B. RB361-16: Ensuring that homeowners choosing radon-resistant features in new home construction get a system that functions properly [pdf of proposal]

When a homeowner wants a home built to prevent radon from coming into the home from the ground, they demand “radon-resistant new construction.” It costs about $1,200 and helps to protect residents from the second leading cause of lung cancer. But it only works if it is installed properly.

The American Association of Radon Scientists and Technologists (AARST) proposed a change to the International Residential Code (IRC) to provide that a code official has a basis to inspect the work to ensure the system functions as designed.


C. RB152-16: Allowing below-grade foam insulation to be free of brominated flame retardants
[pdf of proposal]

The current IRC requires that foam insulation contain flame retardants even if the foam is sandwiched between the concrete foundation and the ground outside. The chemicals serve no purpose in this situation. Providing architects, builders, and homeowners with the option for foam insulation free from flame retardants is important given the serious health questions that have been raised about some of these chemicals, especially brominated flame retardants.

A coalition led by the Green Science Policy Institute proposed giving architects, builders, and homeowners the ability to choose flame-retardant-free foam insulation for below-grade uses. Mandating the use of chemicals that serve no purpose and may create a health risk is contrary to the ICC’s purpose of protection health, safety, and general welfare.


D. PM7-16: Requiring carbon monoxide alarms in all homes with combustion sources or an attached garage [pdf of proposal]

The International Fire Code (IFC) and the IRC require a carbon monoxide (CO) alarm in all homes with combustion sources, such as a fireplace or gas-fired appliance, or with an attached garage. These alarms protect residents from brain damage or death when combusting appliances fail or when air from a garage with an idling car is pulled into the home. More than 300 people die each year from CO poisoning.

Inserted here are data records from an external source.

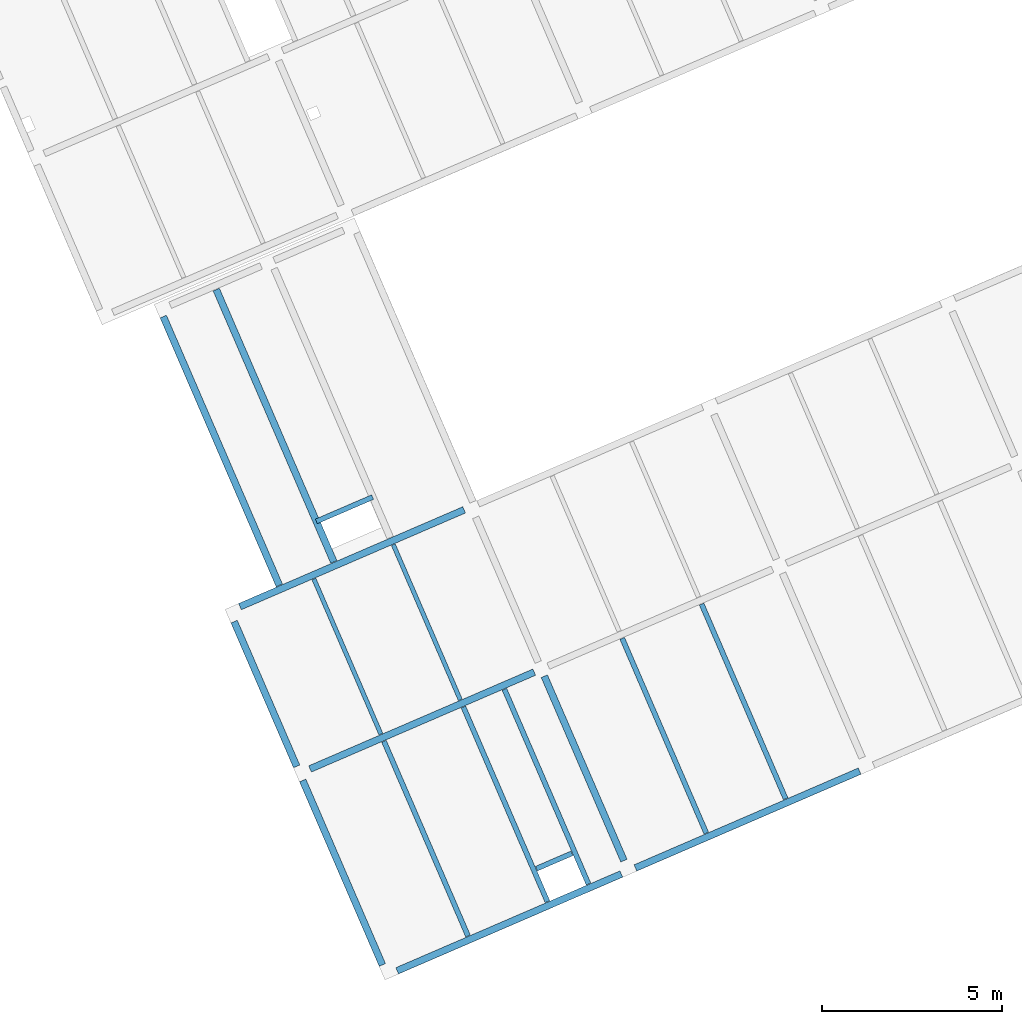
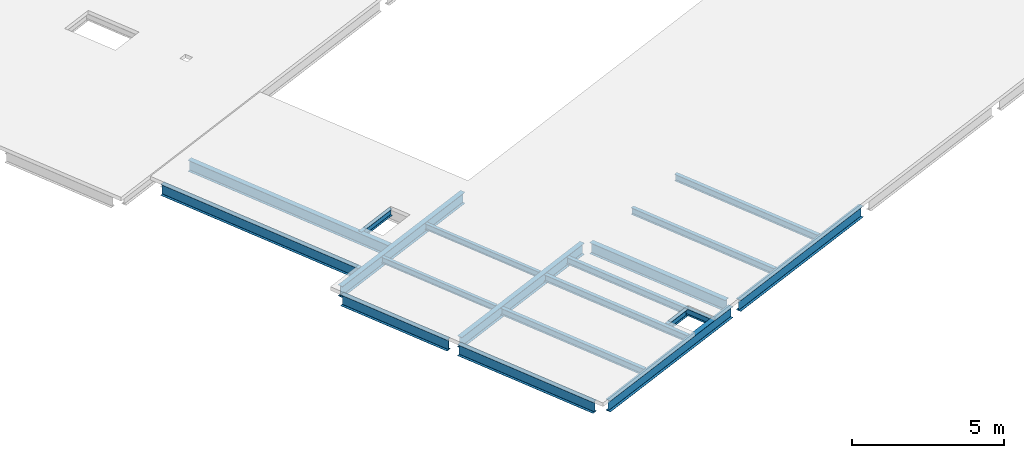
# One storey, part 1 of 15: 18 beams.
"""IFC4 building model written with IfcOpenShell, lengths in metres."""

from ifc_helpers import new_model, entity, si_unit, converted_unit, derived_unit, direction, frame, origin, place, context, subcontext, project, spatial, line, arc, indexed_curve, outline, extrude, source, transform, mapped, material, type_object, type_shapes, element, save


model = new_model("IFC4")

# Units and contexts
model_context = context("Model", 3, precision=1e-05, world=origin(), true_north=direction((6.12323399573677e-17, 1.0)))
body_context = subcontext(model_context, "Body", "Model", "MODEL_VIEW")
ifc_project = project(units=[si_unit("LENGTHUNIT", "METRE"), si_unit("AREAUNIT", "SQUARE_METRE"), si_unit("VOLUMEUNIT", "CUBIC_METRE"), converted_unit("PLANEANGLEUNIT", "DEGREE", entity("IfcPlaneAngleMeasure", 0.0174532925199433), si_unit("PLANEANGLEUNIT", "RADIAN"), dimensions=[0, 0, 0, 0, 0, 0, 0]), si_unit("MASSUNIT", "GRAM", prefix="KILO"), derived_unit("MOMENTOFINERTIAUNIT", [(si_unit("LENGTHUNIT", "METRE"), 4)]), derived_unit("LINEARFORCEUNIT", [(si_unit("MASSUNIT", "GRAM", prefix="KILO"), 1), (si_unit("TIMEUNIT", "SECOND"), -2)]), derived_unit("WARPINGCONSTANTUNIT", [(si_unit("LENGTHUNIT", "METRE"), 6)]), derived_unit("THERMALTRANSMITTANCEUNIT", [(si_unit("MASSUNIT", "GRAM", prefix="KILO"), 1), (si_unit("THERMODYNAMICTEMPERATUREUNIT", "KELVIN"), -1), (si_unit("TIMEUNIT", "SECOND"), -3)]), derived_unit("USERDEFINED", [(si_unit("MASSUNIT", "GRAM", prefix="KILO"), 1), (si_unit("TIMEUNIT", "SECOND"), -2), (si_unit("THERMODYNAMICTEMPERATUREUNIT", "KELVIN"), -1)]), derived_unit("THERMALRESISTANCEUNIT", [(si_unit("MASSUNIT", "GRAM", prefix="KILO"), -1), (si_unit("TIMEUNIT", "SECOND"), 3), (si_unit("THERMODYNAMICTEMPERATUREUNIT", "KELVIN"), 1)])], contexts=[model_context])

# Site, building, storey
site_placement = place(None, origin())
site = spatial("IfcSite", under=ifc_project, at=site_placement, Name="Default", CompositionType="ELEMENT")
building_placement = place(site_placement, frame((12.6613425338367, -82.5732315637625, 317.15), z_axis=(0.0, 0.0, 1.0), x_axis=(-0.396377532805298, 0.918087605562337, 0.0)))
building = spatial("IfcBuilding", under=site, at=building_placement, Name="CESFAM Coyhaique", CompositionType="ELEMENT")
storey_placement = place(building_placement, frame((0.0, 0.0, 8.45000000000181)))
storey = spatial("IfcBuildingStorey", under=building, at=storey_placement, Name="Nivel 3", CompositionType="ELEMENT", Elevation=8.45000000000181)

# Beams
ifc_material = material(Name="Steel, 45-345", Category="Metal")
beam_type_1 = type_object("IfcBeamType", Name="M_W Shapes:W450X190mm", PredefinedType="BEAM", material=ifc_material)
shared_shape_1 = source(origin(), body_context, "Body", "SweptSolid", [
    extrude(outline(indexed_curve([(-0.224999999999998, -0.0950000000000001), (-0.215349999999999, -0.0950000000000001), (-0.215349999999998, -0.0105699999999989), (-0.213109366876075, -0.00516063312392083), (-0.207699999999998, -0.00291999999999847), (0.207700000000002, -0.00291999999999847), (0.213109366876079, -0.00516063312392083), (0.215350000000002, -0.0105699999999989), (0.215350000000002, -0.0950000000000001), (0.225000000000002, -0.0950000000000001), (0.225000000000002, 0.0950000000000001), (0.215350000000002, 0.0950000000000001), (0.215350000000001, 0.0105700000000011), (0.213109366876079, 0.00516063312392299), (0.207700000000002, 0.00292000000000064), (-0.207699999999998, 0.00292000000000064), (-0.213109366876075, 0.00516063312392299), (-0.215349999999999, 0.0105700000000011), (-0.215349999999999, 0.0950000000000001), (-0.224999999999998, 0.0950000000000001)], segments=[line(1, 2, 3), arc(3, 4, 5), line(5, 6), arc(6, 7, 8), line(8, 9, 10, 11, 12, 13), arc(13, 14, 15), line(15, 16), arc(16, 17, 18), line(18, 19, 20, 1)], self_intersect=False)), frame((4.38155341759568, 10.0028504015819, 8.07500000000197), z_axis=(1.0, 0.0, 0.0), x_axis=(0.0, 0.0, -1.0)), (0.0, 0.0, 1.0), 5.5746),
])
type_shapes(beam_type_1, [shared_shape_1])
beam_1_placement = place(storey_placement, frame((0.0, 0.0, -8.45000000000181)))
element("IfcBeam", 1, at=beam_1_placement, inside=storey, type_object=beam_type_1, Name="M_W Shapes:W450X190mm", ObjectType="M_W Shapes:W450X190mm", PredefinedType="BEAM", context=body_context, shape_type="MappedRepresentation", body=[
    mapped(shared_shape_1, transform((0.0, 0.0, 0.0), scale=1.0)),
])
beam_type_2 = type_object("IfcBeamType", Name="M_W Shapes:W450X190mm", PredefinedType="BEAM", material=ifc_material)
shared_shape_2 = source(origin(), body_context, "Body", "SweptSolid", [
    extrude(outline(indexed_curve([(-0.0950000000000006, -0.225000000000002), (0.0950000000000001, -0.225000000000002), (0.0950000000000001, -0.215350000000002), (0.01057, -0.215350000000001), (0.00516063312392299, -0.213109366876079), (0.00291999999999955, -0.207700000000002), (0.00291999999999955, 0.207699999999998), (0.00516063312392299, 0.213109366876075), (0.01057, 0.215349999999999), (0.094999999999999, 0.215349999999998), (0.0949999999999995, 0.224999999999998), (-0.0950000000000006, 0.224999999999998), (-0.0950000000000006, 0.215349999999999), (-0.0105700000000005, 0.215349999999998), (-0.00516063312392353, 0.213109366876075), (-0.00292000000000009, 0.207699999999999), (-0.00292000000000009, -0.207700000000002), (-0.00516063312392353, -0.213109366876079), (-0.0105700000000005, -0.215350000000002), (-0.0950000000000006, -0.215350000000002)], segments=[line(1, 2, 3, 4), arc(4, 5, 6), line(6, 7), arc(7, 8, 9), line(9, 10, 11, 12, 13, 14), arc(14, 15, 16), line(16, 17), arc(17, 18, 19), line(19, 20, 1)], self_intersect=False)), frame((4.06885341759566, 3.0155504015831, 8.07500000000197), z_axis=(0.0, 1.0, 0.0), x_axis=(-1.0, 0.0, 0.0)), (0.0, 0.0, 1.0), 6.7746),
])
type_shapes(beam_type_2, [shared_shape_2])
beam_2_placement = place(storey_placement, frame((0.0, 0.0, -8.45000000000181)))
element("IfcBeam", 2, at=beam_2_placement, inside=storey, type_object=beam_type_2, Name="M_W Shapes:W450X190mm", ObjectType="M_W Shapes:W450X190mm", PredefinedType="BEAM", context=body_context, shape_type="MappedRepresentation", body=[
    mapped(shared_shape_2, transform((0.0, 0.0, 0.0), scale=1.0)),
])
beam_type_3 = type_object("IfcBeamType", Name="M_W Shapes:W450X190mm", PredefinedType="BEAM", material=ifc_material)
shared_shape_3 = source(origin(), body_context, "Body", "SweptSolid", [
    extrude(outline(indexed_curve([(-0.224999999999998, -0.0950000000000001), (-0.215349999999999, -0.0950000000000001), (-0.215349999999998, -0.0105699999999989), (-0.213109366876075, -0.00516063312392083), (-0.207699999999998, -0.00291999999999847), (0.207700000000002, -0.00291999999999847), (0.213109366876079, -0.00516063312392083), (0.215350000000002, -0.0105699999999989), (0.215350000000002, -0.0950000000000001), (0.225000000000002, -0.0950000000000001), (0.225000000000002, 0.0950000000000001), (0.215350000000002, 0.0950000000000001), (0.215350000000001, 0.0105700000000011), (0.213109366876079, 0.00516063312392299), (0.207700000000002, 0.00292000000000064), (-0.207699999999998, 0.00292000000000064), (-0.213109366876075, 0.00516063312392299), (-0.215349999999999, 0.0105700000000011), (-0.215349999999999, 0.0950000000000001), (-0.224999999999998, 0.0950000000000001)], segments=[line(1, 2, 3), arc(3, 4, 5), line(5, 6), arc(6, 7, 8), line(8, 9, 10, 11, 12, 13), arc(13, 14, 15), line(15, 16), arc(16, 17, 18), line(18, 19, 20, 1)], self_intersect=False)), frame((4.3815534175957, 17.3028504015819, 8.07500000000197), z_axis=(1.0, 0.0, 0.0), x_axis=(0.0, 0.0, -1.0)), (0.0, 0.0, 1.0), 5.5746),
])
type_shapes(beam_type_3, [shared_shape_3])
beam_3_placement = place(storey_placement, frame((0.0, 0.0, -8.45000000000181)))
element("IfcBeam", 3, at=beam_3_placement, inside=storey, type_object=beam_type_3, Name="M_W Shapes:W450X190mm", ObjectType="M_W Shapes:W450X190mm", PredefinedType="BEAM", context=body_context, shape_type="MappedRepresentation", body=[
    mapped(shared_shape_3, transform((0.0, 0.0, 0.0), scale=1.0)),
])
beam_type_4 = type_object("IfcBeamType", Name="M_W Shapes:W450X190mm", PredefinedType="BEAM", material=ifc_material)
shared_shape_4 = source(origin(), body_context, "Body", "SweptSolid", [
    extrude(outline(indexed_curve([(-0.224999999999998, -0.0950000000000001), (-0.215349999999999, -0.0949999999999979), (-0.215349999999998, -0.0105699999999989), (-0.213109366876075, -0.00516063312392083), (-0.207699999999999, -0.00291999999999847), (0.207700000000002, -0.00291999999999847), (0.213109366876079, -0.00516063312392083), (0.215350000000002, -0.0105699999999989), (0.215350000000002, -0.0950000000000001), (0.225000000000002, -0.0950000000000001), (0.225000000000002, 0.0950000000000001), (0.215350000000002, 0.0950000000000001), (0.215350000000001, 0.0105700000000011), (0.213109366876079, 0.00516063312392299), (0.207700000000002, 0.00292000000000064), (-0.207699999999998, 0.00292000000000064), (-0.213109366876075, 0.00516063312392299), (-0.215349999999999, 0.0105700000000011), (-0.215349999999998, 0.0950000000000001), (-0.224999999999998, 0.0950000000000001)], segments=[line(1, 2, 3), arc(3, 4, 5), line(5, 6), arc(6, 7, 8), line(8, 9, 10, 11, 12, 13), arc(13, 14, 15), line(15, 16), arc(16, 17, 18), line(18, 19, 20, 1)], self_intersect=False)), frame((10.3815534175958, 17.3028504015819, 8.07500000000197), z_axis=(1.0, 0.0, 0.0), x_axis=(0.0, 0.0, -1.0)), (0.0, 0.0, 1.0), 4.3746),
])
type_shapes(beam_type_4, [shared_shape_4])
beam_4_placement = place(storey_placement, frame((0.0, 0.0, -8.45000000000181)))
element("IfcBeam", 4, at=beam_4_placement, inside=storey, type_object=beam_type_4, Name="M_W Shapes:W450X190mm", ObjectType="M_W Shapes:W450X190mm", PredefinedType="BEAM", context=body_context, shape_type="MappedRepresentation", body=[
    mapped(shared_shape_4, transform((0.0, 0.0, 0.0), scale=1.0)),
])
beam_type_5 = type_object("IfcBeamType", Name="M_W Shapes:W450X190mm", PredefinedType="BEAM", material=ifc_material)
shared_shape_5 = source(origin(), body_context, "Body", "SweptSolid", [
    extrude(outline(indexed_curve([(-0.224999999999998, -0.0950000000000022), (-0.215349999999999, -0.0950000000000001), (-0.215349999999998, -0.0105700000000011), (-0.213109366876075, -0.00516063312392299), (-0.207699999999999, -0.00292000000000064), (0.207700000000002, -0.00292000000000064), (0.213109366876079, -0.00516063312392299), (0.215350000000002, -0.0105700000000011), (0.215350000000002, -0.0950000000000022), (0.225000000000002, -0.0950000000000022), (0.225000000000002, 0.0949999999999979), (0.215350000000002, 0.0949999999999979), (0.215350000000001, 0.0105699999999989), (0.213109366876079, 0.00516063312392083), (0.207700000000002, 0.00291999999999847), (-0.207699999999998, 0.00291999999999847), (-0.213109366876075, 0.00516063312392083), (-0.215349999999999, 0.0105699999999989), (-0.215349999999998, 0.0949999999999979), (-0.224999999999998, 0.0949999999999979)], segments=[line(1, 2, 3), arc(3, 4, 5), line(5, 6), arc(6, 7, 8), line(8, 9, 10, 11, 12, 13), arc(13, 14, 15), line(15, 16), arc(16, 17, 18), line(18, 19, 20, 1)], self_intersect=False)), frame((15.1815534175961, 15.7528504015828, 8.07500000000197), z_axis=(1.0, 0.0, 0.0), x_axis=(0.0, 0.0, -1.0)), (0.0, 0.0, 1.0), 8.1246),
])
type_shapes(beam_type_5, [shared_shape_5])
beam_5_placement = place(storey_placement, frame((0.0, 0.0, -8.45000000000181)))
element("IfcBeam", 5, at=beam_5_placement, inside=storey, type_object=beam_type_5, Name="M_W Shapes:W450X190mm", ObjectType="M_W Shapes:W450X190mm", PredefinedType="BEAM", context=body_context, shape_type="MappedRepresentation", body=[
    mapped(shared_shape_5, transform((0.0, 0.0, 0.0), scale=1.0)),
])
beam_type_6 = type_object("IfcBeamType", Name="M_W Shapes:W450X190mm", PredefinedType="BEAM", material=ifc_material)
shared_shape_6 = source(origin(), body_context, "Body", "SweptSolid", [
    extrude(outline(indexed_curve([(-0.0950000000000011, -0.225000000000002), (0.0949999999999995, -0.225000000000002), (0.0949999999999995, -0.215350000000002), (0.0105699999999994, -0.215350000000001), (0.00516063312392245, -0.213109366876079), (0.00291999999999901, -0.207700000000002), (0.00291999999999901, 0.207699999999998), (0.00516063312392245, 0.213109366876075), (0.0105699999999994, 0.215349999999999), (0.0949999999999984, 0.215349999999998), (0.094999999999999, 0.224999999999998), (-0.0950000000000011, 0.224999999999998), (-0.0950000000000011, 0.215349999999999), (-0.0105700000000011, 0.215349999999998), (-0.00516063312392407, 0.213109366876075), (-0.00292000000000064, 0.207699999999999), (-0.00292000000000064, -0.207700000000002), (-0.00516063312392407, -0.213109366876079), (-0.0105700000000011, -0.215350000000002), (-0.0950000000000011, -0.215350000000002)], segments=[line(1, 2, 3, 4), arc(4, 5, 6), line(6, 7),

As of 2011, 49 million homes – 46% of owner-occupied and 33% of renters – had CO alarms. NCHH proposed adding the CO alarm requirement to the International Property Maintenance Code to better ensure the likelihood of a home receiving one since the homes the code inspector visits are the ones most neglected and most likely to have a malfunctioning gas-fired appliance.

The objective of the model codes is to protect public health, safety, and welfare. Each of these proposals are narrowly crafted to accomplish that objective with minimal burden on the code official, the contractor, and the owner. Each deserves approval by the ICC and provides a common approach for states and local jurisdictions to consider when they adapt the model code to the needs of their community.